Stealer of Souls
- Publishers: Chaosium
- Publication: 1985
- Genres: Role-playing
- Parent games: Stormbringer
- ISBN: 9780933635272

= Stealer of Souls =

Tabletop role-playing game adventure

Stealer of Souls is a 1985 role-playing game adventure for Stormbringer published by Chaosium.

==Plot summary==
Stealer of Souls is the first part of a two-part adventure in which the player characters help avenge the death of the father of a young woman named Freyda.

==Reception==
Phil Frances reviewed Stealer of Souls for White Dwarf #77, giving it an overall rating of 8 out of 10, and stated that "Stealer Of Souls is the first Stormbringer supplement that I respect (even reading it is enjoyable). Its freshness will revive the palate of many a jaded GM, and it will pose a healthy challenge to an experienced group of characters."

Michael R. Jarrell reviewed Stealer of Souls in Space Gamer/Fantasy Gamer No. 81. Jarrell commented that "The game just doesn't cut the mustard. If you are a SBophile you'll want it. if you are looking for quality versus cash outlay you may be seriously disappointed as I was."

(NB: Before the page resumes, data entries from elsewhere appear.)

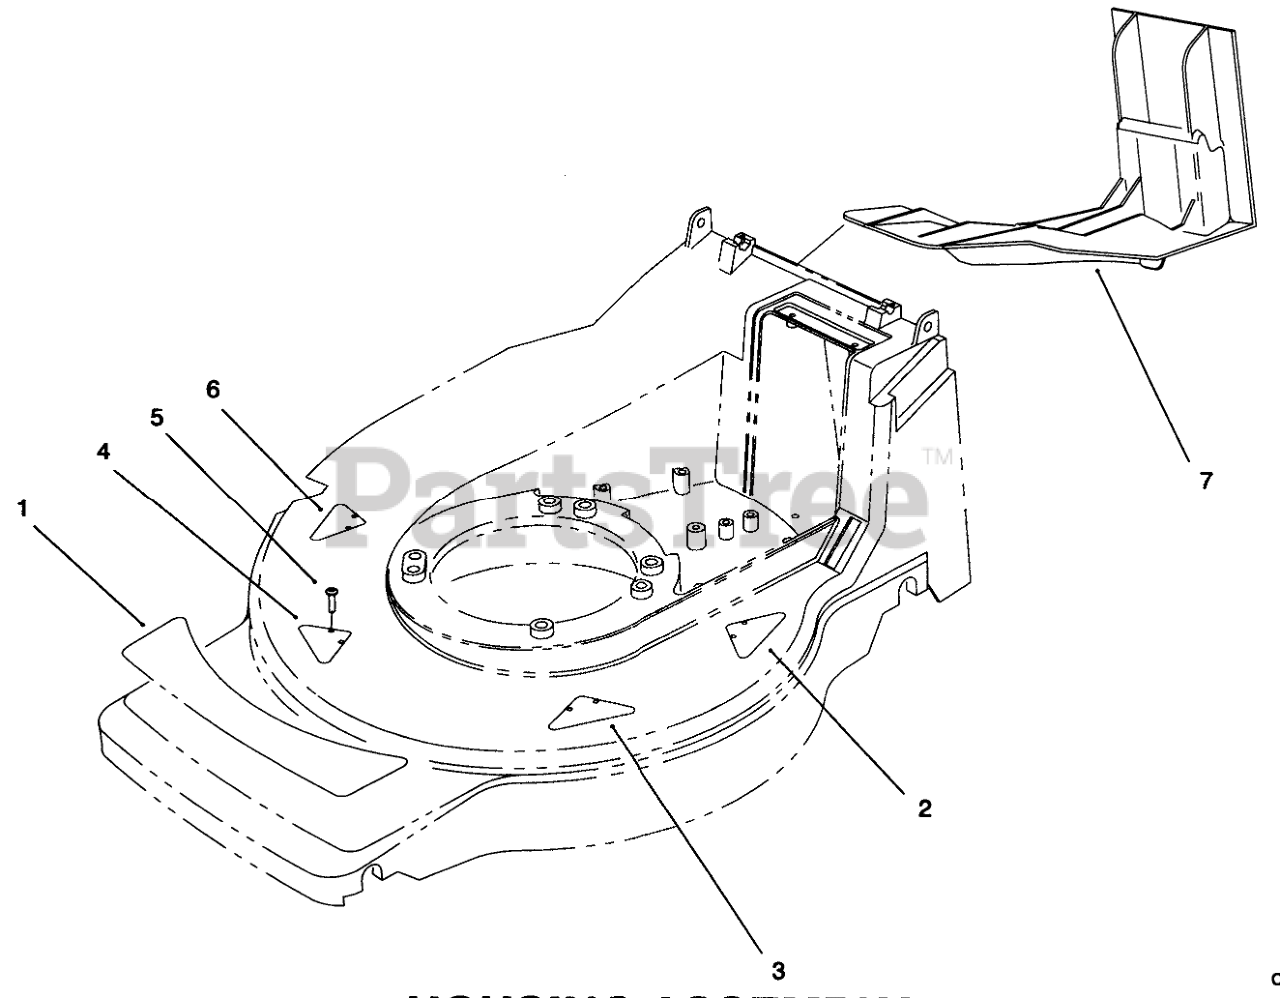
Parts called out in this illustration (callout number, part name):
1	DECAL - DECK
2	KICKER
3	KICKER
4	KICKER
5	SCREW-PPH
6	KICKER
7	DISCHARGE PLUG

Scott A. Dollinger reviewed Stealer of Souls and Black Sword for Different Worlds magazine and stated that "Although the graphics, maps, and artwork are all first-rate, it would seem that Chaosium needs a better proofreader as several (too many) typos exist in both volumes. They do not impede play but they do detract from an otherwise excellent product. Both Stealer Of Souls and Black Sword are excellent values especially when one considers the number of playing sessions they offer. Keep up the good work Ken."